Идея нелинейности многим незнакома, поэтому мне, наверное, следует объяснить её более детально. Хороший органист, используя десять пальцев рук и две ноги, может — играя аккордами — проводить двенадцать мелодий одновременно, однако все они должны подчиняться одному ритму, если, конечно, он феноменально не владеет своим телом. Однако он, несомненно, может сыграть шестиголосую футу — четыре голоса руками и два ногами, — и с математической точки зрения каждый из этих голосов будет независимой переменной. Работу всех органов человеческого тела также можно представить как независимые переменные, которыми при подобном рассмотрении окажутся температура окружающей среды, состояние атмосферы, наличие бактерий, всевозможные облучения, гравитационное поле и многое другое. Однако мы заранее не знаем, сколько переменных нужно ввести для описания данной естественной ситуации. Под переменной здесь понимается процесс (например, мелодия, пульс, вибрация), который можно обособить, назвать и измерить с помощью сознательного внимания.
При работе с такими переменными возникают трудности двух типов. Во-первых, как мы выделяем и определяем переменную или процесс? Например, можем ли мы считать, что сердце отличается от кровеносных сосудов или что ветви отличаются от дерева? Где конкретно грань, которая отделяет процесс под названием «пчела» от процесса под названием «цветок»? Эти различия всегда в какой-то мере произвольны и условны, даже если мы их описываем с помощью однозначного языка, поскольку различия относятся в большей мере к языку, нежели к тому, что он описывает. Во-вторых, нам неизвестно ограничение на число независимых переменных, которые нужны для полного описания любого естественного, физического события — скажем, для описания появления цыплёнка из яйца. Его скорлупа тверда и ясно очерчена, однако, когда мы начинаем рассуждать о ней, мы не можем не принять во внимание сведения из молекулярной биологии, метеорологии, ядерной физики, технологии содержания птицефабрик, орнитологической сексологии и так далее и тому подобное до тех пор, пока мы не убедимся, что это «одно событие» должно будет — если только мы не откажемся от его анализа — рассматриваться в связи со всей вселенной. Однако сознательное внимание, опирающееся в своих наблюдениях на цифровые и словесные показания приборов, не может одновременно уследить больше чем за несколькими переменными, которые выделены и описаны подобными приборами. С точки зрения линейного описания, в каждое мгновение происходит слишком уж много изменений. Поэтому мы привыкли убеждать себя в том, что мы наблюдаем за самыми важными параметрами во многом подобно тому, как редактор журнала из бесконечного числа происшествий для каждого выпуска подбирает «новости», которые, по его мнению, являются самыми интересными.

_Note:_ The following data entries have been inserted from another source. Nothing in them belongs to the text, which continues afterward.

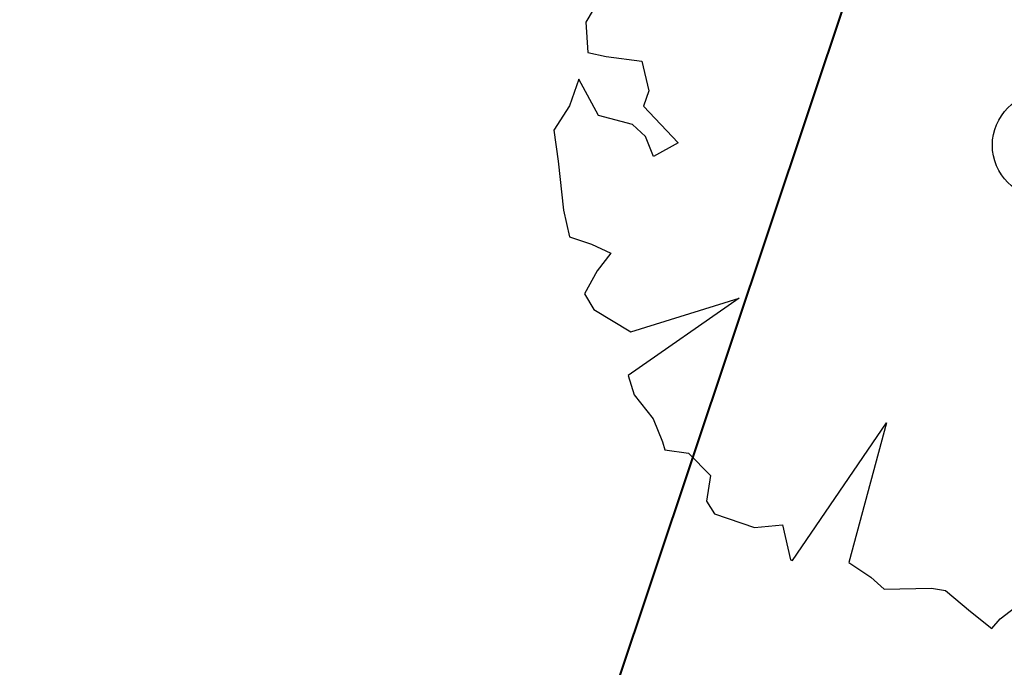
# Model space of a CAD drawing. Header units: metres. Extents: x 6599594 to 6600699, y 5687867 to 5691114.
# Tile 100 of 256: x 6599880.21 to 6599883.07, y 5688678.36 to 5688680.24. Entities that reach past the tile are written whole.
import ezdxf

# ---------------------------------------------------------------- set-up
doc = ezdxf.new("R2010")
doc.units = ezdxf.units.M
doc.header["$MEASUREMENT"] = 0
for name, pattern in [('1', [0]), ('3_EGBZ', [1.5, 1, -0.5]), ('BTO', [0]), ('BUG', [1.5, 1, -0.5])]:
    doc.linetypes.add(name, pattern=pattern)
for name, color, linetype, lineweight in [('_dren', 30, '3_EGBZ', 40), ('_kolor chodnik', 50, '1', 5), ('_kolor jezdnia', 4, '1', 0), ('_kolor zjazdy kostka', 7, '1', 5), ('_kolor ścieżka @ 1', 10, '1', 0), ('_nasadzenia', 72, 'BUG', 30), ('_podział mój', 201, 'BTO', 40)]:
    doc.layers.add(name, color=color, linetype=linetype, lineweight=lineweight)
doc.layers.add('RS-drzewa projektowane', color=7, linetype='CONTINUOUS')
pattern_1 = [(45, (0, 0), (-0.1414213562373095, 0.1414213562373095), []), (135, (0, 0), (-0.1414213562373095, -0.1414213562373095), [])]

# ---------------------------------------------------------------- blocks, each defined once
blk = doc.blocks.new('d2')
at = {"layer": '_nasadzenia'}
for p, q in [((-293019.6650315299, 28216.48516633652), (-293019.9423898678, 28216.34093857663)), ((-293019.5058528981, 28216.47423294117), (-293019.6650315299, 28216.48516633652)), ((-293019.4652712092, 28215.71171003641), (-293019.5058528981, 28216.47423294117)), ((-293019.2000540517, 28216.51097357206), (-293019.3144192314, 28216.43055231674)), ((-293019.0088658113, 28216.43478685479), (-293019.2000540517, 28216.51097357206)), ((-293019.3144192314, 28216.43055231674), (-293019.4652712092, 28215.71171003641)), ((-293018.855843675, 28216.46941021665), (-293019.0088658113, 28216.43478685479)), ((-293018.6644100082, 28216.42572959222), (-293018.855843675, 28216.46941021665)), ((-293020.0166255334, 28216.40975598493), (-293020.2968166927, 28216.3208126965)), ((-293019.9423898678, 28216.34093857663), (-293020.0166255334, 28216.40975598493)), ((-293018.5676449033, 28216.32748790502), (-293018.6644100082, 28216.42572959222)), ((-293018.4212701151, 28216.34265583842), (-293018.5676449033, 28216.32748790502)), ((-293018.2402983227, 28216.20477988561), (-293018.4212701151, 28216.34265583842)), ((-293020.2968166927, 28216.3208126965), (-293020.3139259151, 28216.20716193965)), ((-293020.4275548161, 28216.22425896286), (-293020.8178057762, 28216.19464650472)), ((-293020.3139259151, 28216.20716193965), (-293020.4275548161, 28216.22425896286)), ((-293020.8178057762, 28216.19464650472), (-293020.7468937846, 28216.1161013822)), ((-293017.9817671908, 28216.00781423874), (-293018.2402983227, 28216.20477988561)), ((-293020.7468937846, 28216.1161013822), (-293020.6306410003, 28215.83548282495)), ((-293018.0050329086, 28215.93972023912), (-293017.9817671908, 28216.00781423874)), ((-293020.9398000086, 28215.96474544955), (-293021.0288029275, 28215.79961544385)), ((-293020.6306410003, 28215.83548282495), (-293020.9398000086, 28215.96474544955)), ((-293018.0871430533, 28215.82655175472), (-293018.0050329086, 28215.93972023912)), ((-293017.7984534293, 28215.74964162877), (-293018.0871430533, 28215.82655175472)), ((-293021.0288029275, 28215.79961544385), (-293021.0134116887, 28215.68572355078)), ((-293018.1938077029, 28215.40966504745), (-293017.7984534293, 28215.74964162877)), ((-293021.0134116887, 28215.68572355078), (-293021.1669246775, 28215.58608800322)), ((-293021.1669246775, 28215.58608800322), (-293021.2618386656, 28215.49902084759)), ((-293021.2618386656, 28215.49902084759), (-293021.2464474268, 28215.38512895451)), ((-293017.4792267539, 28215.41244162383), (-293018.1938077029, 28215.40966504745)), ((-293017.3314917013, 28215.17728852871), (-293017.4792267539, 28215.41244162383)), ((-293021.2464474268, 28215.38512895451), (-293021.2697131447, 28215.3170349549)), ((-293021.2697131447, 28215.3170349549), (-293021.3484996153, 28215.21359418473)), ((-293021.3484996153, 28215.21359418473), (-293021.2814021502, 28215.06030916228)), ((-293017.2482667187, 28215.00762989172), (-293017.3314917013, 28215.17728852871)), ((-293021.2814021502, 28215.06030916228), (-293021.3571103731, 28214.93409001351)), ((-293017.262052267, 28214.90370684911), (-293017.2482667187, 28215.00762989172)), ((-293021.3571103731, 28214.93409001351), (-293021.3483664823, 28214.80074269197)), ((-293017.5911168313, 28214.7988722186), (-293017.262052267, 28214.90370684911)), ((-293021.3483664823, 28214.80074269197), (-293021.2672380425, 28214.78388680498)), ((-293017.5240193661, 28214.64558719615), (-293017.5911168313, 28214.7988722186)), ((-293021.2672380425, 28214.78388680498), (-293021.1113830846, 28214.76322569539)), ((-293021.1113830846, 28214.76322569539), (-293021.0798643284, 28214.63296018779)), ((-293021.3882505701, 28214.6840101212), (-293021.4281346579, 28214.56727755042)), ((-293021.3017019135, 28214.52407919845), (-293021.3882505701, 28214.6840101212)), ((-293017.4198706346, 28214.66431921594), (-293017.5240193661, 28214.64558719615)), ((-293017.2806340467, 28214.59501953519), (-293017.4198706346, 28214.66431921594)), ((-293021.0798643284, 28214.63296018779), (-293021.1031300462, 28214.56486618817)), ((-293017.3634804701, 28214.38433277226), (-293017.2806340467, 28214.59501953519)), ((-293021.4281346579, 28214.56727755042), (-293021.4971955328, 28214.46051383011)), ((-293021.1031300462, 28214.56486618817), (-293020.9515804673, 28214.40445299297)), ((-293021.1524943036, 28214.4839626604), (-293021.3017019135, 28214.52407919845)), ((-293021.0943861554, 28214.43151886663), (-293021.1524943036, 28214.4839626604)), ((-293021.4971955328, 28214.46051383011), (-293021.4787260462, 28214.32384355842)), ((-293021.0592982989, 28214.34348716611), (-293021.0943861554, 28214.43151886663)), ((-293020.9515804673, 28214.40445299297), (-293021.0592982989, 28214.34348716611)), ((-293017.2244893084, 28214.28252699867), (-293017.3634804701, 28214.38433277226)), ((-293021.4787260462, 28214.32384355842), (-293021.4543454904, 28214.10911043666)), ((-293017.3293743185, 28214.16627670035), (-293017.2244893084, 28214.28252699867)), ((-293017.3515251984, 28213.81535557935), (-293017.3813259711, 28214.17316373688)), ((-293017.3813259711, 28214.17316373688), (-293017.3716003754, 28214.16984078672)), ((-293017.3716003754, 28214.16984078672), (-293017.3293743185, 28214.16627670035)), ((-293021.4543454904, 28214.10911043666), (-293021.4292286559, 28213.99189559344)), ((-293021.4292286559, 28213.99189559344), (-293021.3319726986, 28213.95866609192)), ((-293021.3319726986, 28213.95866609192), (-293021.2477660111, 28213.91903182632)), ((-293021.2477660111, 28213.91903182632), (-293021.3068558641, 28213.8414512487)), ((-293021.3068558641, 28213.8414512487), (-293021.3628674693, 28213.74109229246)), ((-293017.4071456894, 28213.74987151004), (-293017.3515251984, 28213.81535557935)), ((-293017.4827541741, 28213.65378966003), (-293017.4364681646, 28213.75747156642)), ((-293017.4364681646, 28213.75747156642), (-293017.4072913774, 28213.74750271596)), ((-293021.3628674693, 28213.74109229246), (-293021.3211322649, 28213.67251602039)), ((-293020.6827278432, 28213.72211137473), (-293021.1705643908, 28213.3820784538)), ((-293021.1593662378, 28213.57379206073), (-293020.6827278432, 28213.72211137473)), ((-293018.340181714, 28213.73353405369), (-293017.6313377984, 28213.34606689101)), ((-293017.6100354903, 28213.15411214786), (-293018.340181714, 28213.73353405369)), ((-293021.3211322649, 28213.67251602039), (-293021.1593662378, 28213.57379206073)), ((-293017.5369146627, 28213.36812186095), (-293017.4827541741, 28213.65378966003)), ((-293021.1705643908, 28213.3820784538), (-293021.14520213, 28213.29736970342)), ((-293017.6313377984, 28213.34606689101), (-293017.5369146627, 28213.36812186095)), ((-293021.14520213, 28213.29736970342), (-293021.061486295, 28213.19272325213)), ((-293021.061486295, 28213.19272325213), (-293021.0199965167, 28213.09164088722)), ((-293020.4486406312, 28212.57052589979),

Ухо не может наблюдать одновременно за таким большим числом переменных, как глаз, потому что колебания звука намного медленнее, чем колебания света. Алфавитная письменность является представлением звуков, тогда как иероглифическая — представлением образов. Поэтому иероглифы представляют мир непосредственнее — они являются знаками для обозначения вещей, а не символами для обозначения звуков, являющихся названиями вещей. Что же касается названий, то слово «птица», например, не имеет ничего общего с реальной птицей и по какой-то причине нам кажется, что, назови мы её «твити», «пови» или «карки», это будет звучать слишком по-детски.
Помимо всех утилитарных преимуществ использования иероглифов, есть также эстетические. И дело не просто в том, что западному человеку они представляются экзотическими и непонятными. Никто не ценит красоту этого письма больше, чем сами китайцы и японцы, хотя у нас есть все основания предполагать, что их длительное знакомство с восточной письменностью должно сделать этих людей равнодушными ко всему в иероглифах, кроме их смысла. В противоположность этому, практика каллиграфии почитается на Дальнем Востоке таким же изящным искусством, как живопись или скульптура. Висящий на стене каллиграфический свиток ни в коем случае не следует путать с напечатанным готическими буквами библейским изречением, которое выставлено на видном месте для всеобщего обозрения. Важность цитаты из Библии в её смысле, тогда как вся прелесть образца каллиграфии в том, что он обладает визуальной красотой и выражает характер каллиграфа.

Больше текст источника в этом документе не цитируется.